Aim of the exercise: Pictures in the records are to be excluded from an otherwise exact copy.

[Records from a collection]
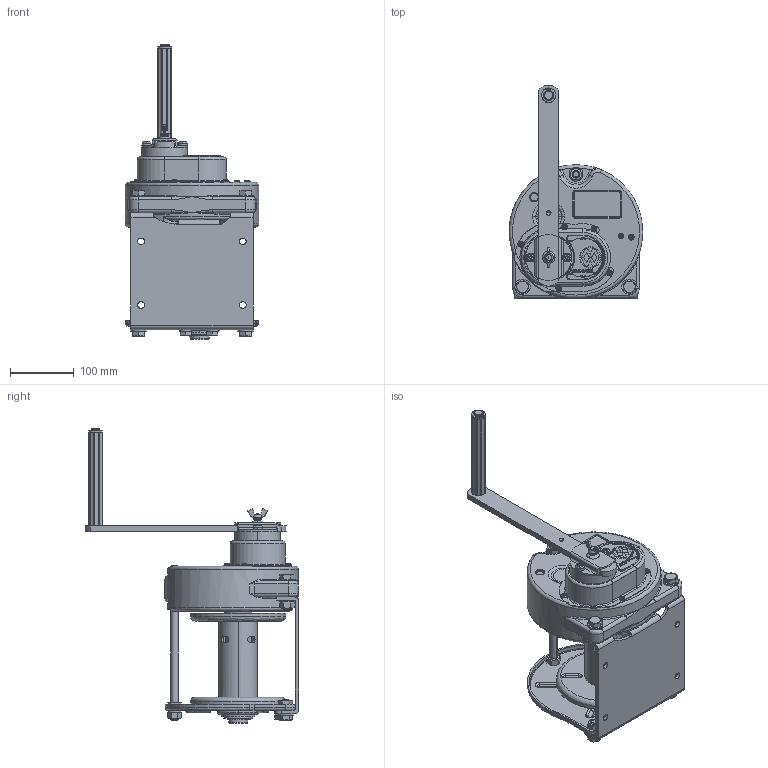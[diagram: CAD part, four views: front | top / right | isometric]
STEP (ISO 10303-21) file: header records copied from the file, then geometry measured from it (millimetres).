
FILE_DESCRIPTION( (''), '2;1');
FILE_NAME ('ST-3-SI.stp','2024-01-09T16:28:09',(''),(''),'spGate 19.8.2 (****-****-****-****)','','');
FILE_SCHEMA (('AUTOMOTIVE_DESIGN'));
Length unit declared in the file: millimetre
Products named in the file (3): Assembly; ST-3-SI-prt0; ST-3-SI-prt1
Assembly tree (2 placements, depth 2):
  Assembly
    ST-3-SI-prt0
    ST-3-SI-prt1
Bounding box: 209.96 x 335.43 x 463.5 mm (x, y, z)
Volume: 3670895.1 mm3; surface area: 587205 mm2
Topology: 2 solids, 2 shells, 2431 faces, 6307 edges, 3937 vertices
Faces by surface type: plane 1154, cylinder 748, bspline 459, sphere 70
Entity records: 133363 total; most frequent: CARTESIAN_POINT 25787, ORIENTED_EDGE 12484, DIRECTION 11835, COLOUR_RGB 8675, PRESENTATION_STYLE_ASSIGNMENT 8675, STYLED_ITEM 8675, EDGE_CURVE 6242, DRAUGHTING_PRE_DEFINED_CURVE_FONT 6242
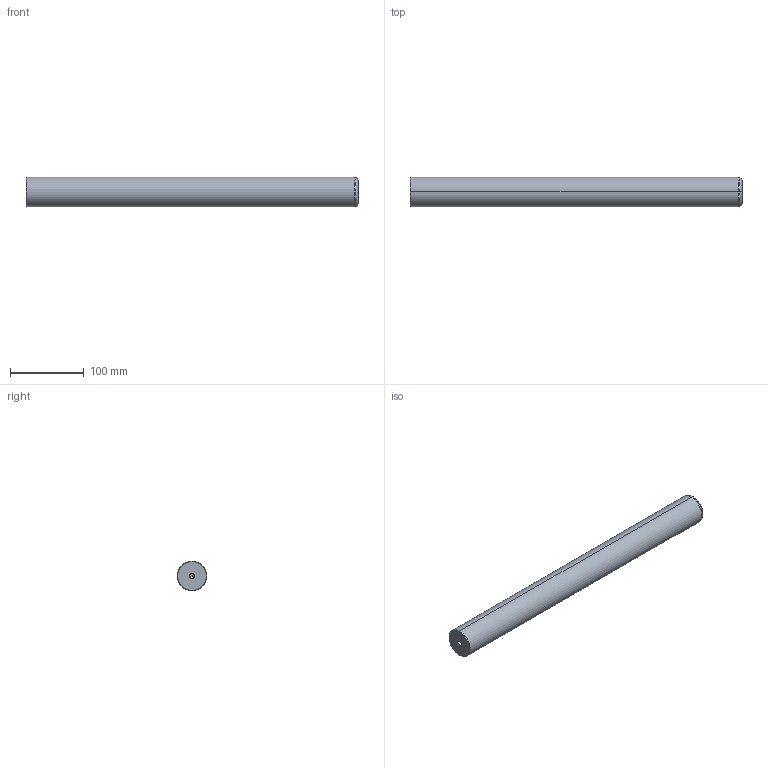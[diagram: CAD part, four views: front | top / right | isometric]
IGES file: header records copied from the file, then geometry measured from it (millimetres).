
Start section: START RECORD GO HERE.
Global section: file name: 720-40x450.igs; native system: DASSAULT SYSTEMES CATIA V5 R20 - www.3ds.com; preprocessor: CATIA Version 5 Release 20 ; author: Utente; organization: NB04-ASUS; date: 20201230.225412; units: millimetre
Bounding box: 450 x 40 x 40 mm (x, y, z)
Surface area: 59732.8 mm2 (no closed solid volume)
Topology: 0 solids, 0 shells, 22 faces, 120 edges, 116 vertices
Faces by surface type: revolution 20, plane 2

Result below:
[diagram: CAD part, four views: front | top / right | isometric]
STEP (ISO 10303-21) file: header records copied from the file, then geometry measured from it (millimetres).
FILE_DESCRIPTION( (''), '2;1');
FILE_NAME ('ST-3-SI.stp','2024-01-09T16:28:09',(''),(''),'spGate 19.8.2 (****-****-****-****)','','');
FILE_SCHEMA (('AUTOMOTIVE_DESIGN'));
Length unit declared in the file: millimetre
Products named in the file (3): Assembly; ST-3-SI-prt0; ST-3-SI-prt1
Assembly tree (2 placements, depth 2):
  Assembly
    ST-3-SI-prt0
    ST-3-SI-prt1
Bounding box: 209.96 x 335.43 x 463.5 mm (x, y, z)
Volume: 3670895.1 mm3; surface area: 587205 mm2
Topology: 2 solids, 2 shells, 2431 faces, 6307 edges, 3937 vertices
Faces by surface type: plane 1154, cylinder 748, bspline 459, sphere 70
Entity records: 133363 total; most frequent: CARTESIAN_POINT 25787, ORIENTED_EDGE 12484, DIRECTION 11835, COLOUR_RGB 8675, PRESENTATION_STYLE_ASSIGNMENT 8675, STYLED_ITEM 8675, EDGE_CURVE 6242, DRAUGHTING_PRE_DEFINED_CURVE_FONT 6242
[diagram: CAD part, four views: front | top / right | isometric]
IGES file: header records copied from the file, then geometry measured from it (millimetres).
Start section: START RECORD GO HERE.
Global section: file name: 720-40x450.igs; native system: DASSAULT SYSTEMES CATIA V5 R20 - www.3ds.com; preprocessor: CATIA Version 5 Release 20 ; author: Utente; organization: NB04-ASUS; date: 20201230.225412; units: millimetre
Bounding box: 450 x 40 x 40 mm (x, y, z)
Surface area: 59732.8 mm2 (no closed solid volume)
Topology: 0 solids, 0 shells, 22 faces, 120 edges, 116 vertices
Faces by surface type: revolution 20, plane 2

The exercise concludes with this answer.